Dr Jim Huggett, Prof Alimuddin Zumla & Dr Robert Miller
University College London
2006 – 2009 Research Assistant
In vitro culture of Pneumocystis jirovecii.

Huggett - Pneumonia

Dr Jim Huggett is Senior Research Fellow and Head of Molecular Group, at the Centre for Infectious Diseases and International Health at University College London.
Prof Alimuddin Zumla is Professor and Director of the Centre for Infectious Diseases and International Health at University College London.
Dr Robert Miller is Reader in Clinical Infection at University College London.


Pneumocystic pneumonia (PCP) is a major problem in immunocompromised patients, particularly affecting AIDS patients, as well as the elderly, premature or malnourished children, cancer patients and organ transplant recipients. The disease is caused by a yeast-like micro-organism, Pneumocystis jirovecii, which infects the lungs.

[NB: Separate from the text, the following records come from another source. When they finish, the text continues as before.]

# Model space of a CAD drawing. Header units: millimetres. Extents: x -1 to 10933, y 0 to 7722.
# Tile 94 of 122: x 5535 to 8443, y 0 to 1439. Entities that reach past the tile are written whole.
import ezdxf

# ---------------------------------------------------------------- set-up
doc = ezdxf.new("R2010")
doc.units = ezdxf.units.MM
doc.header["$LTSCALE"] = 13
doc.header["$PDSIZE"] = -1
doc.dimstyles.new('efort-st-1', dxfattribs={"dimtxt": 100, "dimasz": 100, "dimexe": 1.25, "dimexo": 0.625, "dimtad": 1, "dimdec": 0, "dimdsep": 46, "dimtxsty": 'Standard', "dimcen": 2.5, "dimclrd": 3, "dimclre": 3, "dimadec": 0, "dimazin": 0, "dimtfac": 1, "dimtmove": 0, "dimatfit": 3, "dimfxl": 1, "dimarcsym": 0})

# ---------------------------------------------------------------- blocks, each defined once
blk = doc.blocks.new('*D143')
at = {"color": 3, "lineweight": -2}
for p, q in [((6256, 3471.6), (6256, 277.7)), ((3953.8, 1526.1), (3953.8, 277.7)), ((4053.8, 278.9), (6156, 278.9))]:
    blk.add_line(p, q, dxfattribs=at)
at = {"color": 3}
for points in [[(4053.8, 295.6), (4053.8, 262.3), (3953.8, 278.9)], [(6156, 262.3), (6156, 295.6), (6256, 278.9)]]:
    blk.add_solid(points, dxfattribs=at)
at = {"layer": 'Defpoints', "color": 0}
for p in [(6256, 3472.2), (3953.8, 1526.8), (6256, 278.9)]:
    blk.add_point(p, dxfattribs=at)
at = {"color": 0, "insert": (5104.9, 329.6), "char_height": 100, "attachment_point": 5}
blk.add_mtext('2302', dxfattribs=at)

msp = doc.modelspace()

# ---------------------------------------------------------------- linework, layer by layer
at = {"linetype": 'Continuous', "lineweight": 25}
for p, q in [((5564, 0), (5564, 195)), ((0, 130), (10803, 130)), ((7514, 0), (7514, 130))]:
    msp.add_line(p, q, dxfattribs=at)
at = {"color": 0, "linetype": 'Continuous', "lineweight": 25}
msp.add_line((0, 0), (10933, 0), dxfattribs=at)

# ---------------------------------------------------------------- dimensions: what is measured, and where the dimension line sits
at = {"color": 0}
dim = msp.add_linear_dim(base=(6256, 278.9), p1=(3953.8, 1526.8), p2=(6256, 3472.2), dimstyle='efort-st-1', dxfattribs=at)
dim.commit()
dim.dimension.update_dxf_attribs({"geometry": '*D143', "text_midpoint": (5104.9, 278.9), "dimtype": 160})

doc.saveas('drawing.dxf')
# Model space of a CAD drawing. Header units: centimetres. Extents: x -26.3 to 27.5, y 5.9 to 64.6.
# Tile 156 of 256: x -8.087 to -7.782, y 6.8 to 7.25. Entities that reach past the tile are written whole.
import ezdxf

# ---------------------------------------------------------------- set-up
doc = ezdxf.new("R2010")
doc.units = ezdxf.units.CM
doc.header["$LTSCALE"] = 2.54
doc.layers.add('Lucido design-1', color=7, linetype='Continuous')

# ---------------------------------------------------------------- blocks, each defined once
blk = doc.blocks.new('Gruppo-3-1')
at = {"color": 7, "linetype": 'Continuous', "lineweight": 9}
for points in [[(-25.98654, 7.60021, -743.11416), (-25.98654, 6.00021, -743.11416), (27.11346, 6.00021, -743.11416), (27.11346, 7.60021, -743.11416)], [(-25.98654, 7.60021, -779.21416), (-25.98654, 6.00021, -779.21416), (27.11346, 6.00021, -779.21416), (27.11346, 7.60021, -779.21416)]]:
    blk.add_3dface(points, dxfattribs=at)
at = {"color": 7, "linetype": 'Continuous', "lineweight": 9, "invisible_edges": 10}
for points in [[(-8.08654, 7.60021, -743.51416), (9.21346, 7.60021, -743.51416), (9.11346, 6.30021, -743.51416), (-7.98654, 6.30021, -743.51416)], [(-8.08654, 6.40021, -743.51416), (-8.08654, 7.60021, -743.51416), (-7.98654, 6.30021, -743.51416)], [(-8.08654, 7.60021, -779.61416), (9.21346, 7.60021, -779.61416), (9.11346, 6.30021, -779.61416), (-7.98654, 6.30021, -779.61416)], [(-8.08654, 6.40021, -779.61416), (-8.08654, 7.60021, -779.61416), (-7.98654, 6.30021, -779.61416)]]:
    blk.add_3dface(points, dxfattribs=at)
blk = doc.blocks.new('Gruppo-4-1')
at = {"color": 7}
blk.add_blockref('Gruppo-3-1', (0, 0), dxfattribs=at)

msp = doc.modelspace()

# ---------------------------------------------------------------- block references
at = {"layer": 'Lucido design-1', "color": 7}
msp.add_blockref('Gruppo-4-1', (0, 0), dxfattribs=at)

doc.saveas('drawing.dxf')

At present Pneumocystis jirovecii cannot be reliably cultured in vitro. Consequently the standard method for obtaining large numbers of this pathogen is to grow it in the lungs of immunocompromised animals and harvest them when the animals become morbidly ill. A major flaw in this strategy is that pneumocystis micro-organisms are host species-specific. P. carinii infects rats and is a different species to P. jirovecii, responsible for the human disease. Thus, much current knowledge of the biology, mode of transmission, factors affecting virulence and mechanisms of drug resistance in pneumocystis has been obtained studying a different pathogen in a different host species. Findings from such animal studies may not extrapolate to the human disease.

This Dr Hadwen Trust-funded research will develop and assess the first in vitro culture method for the human-infecting P. jirovecii. This will provide a valuable tool for basic research and potentially a diagnostic test for PCP, and would negate the need for much of the current animal work conducted to study the condition.

The initial objective will focus on developing molecular methods for assessing the human pathogen’s viability. The longer-term objectives will develop culture strategies to enable a range of studies needed to address the unanswered biological questions associated with this pathogen. Both long- and short-term objectives will contribute to the replacement of animal research, as they focus on the species infecting humans and not that infecting rodents.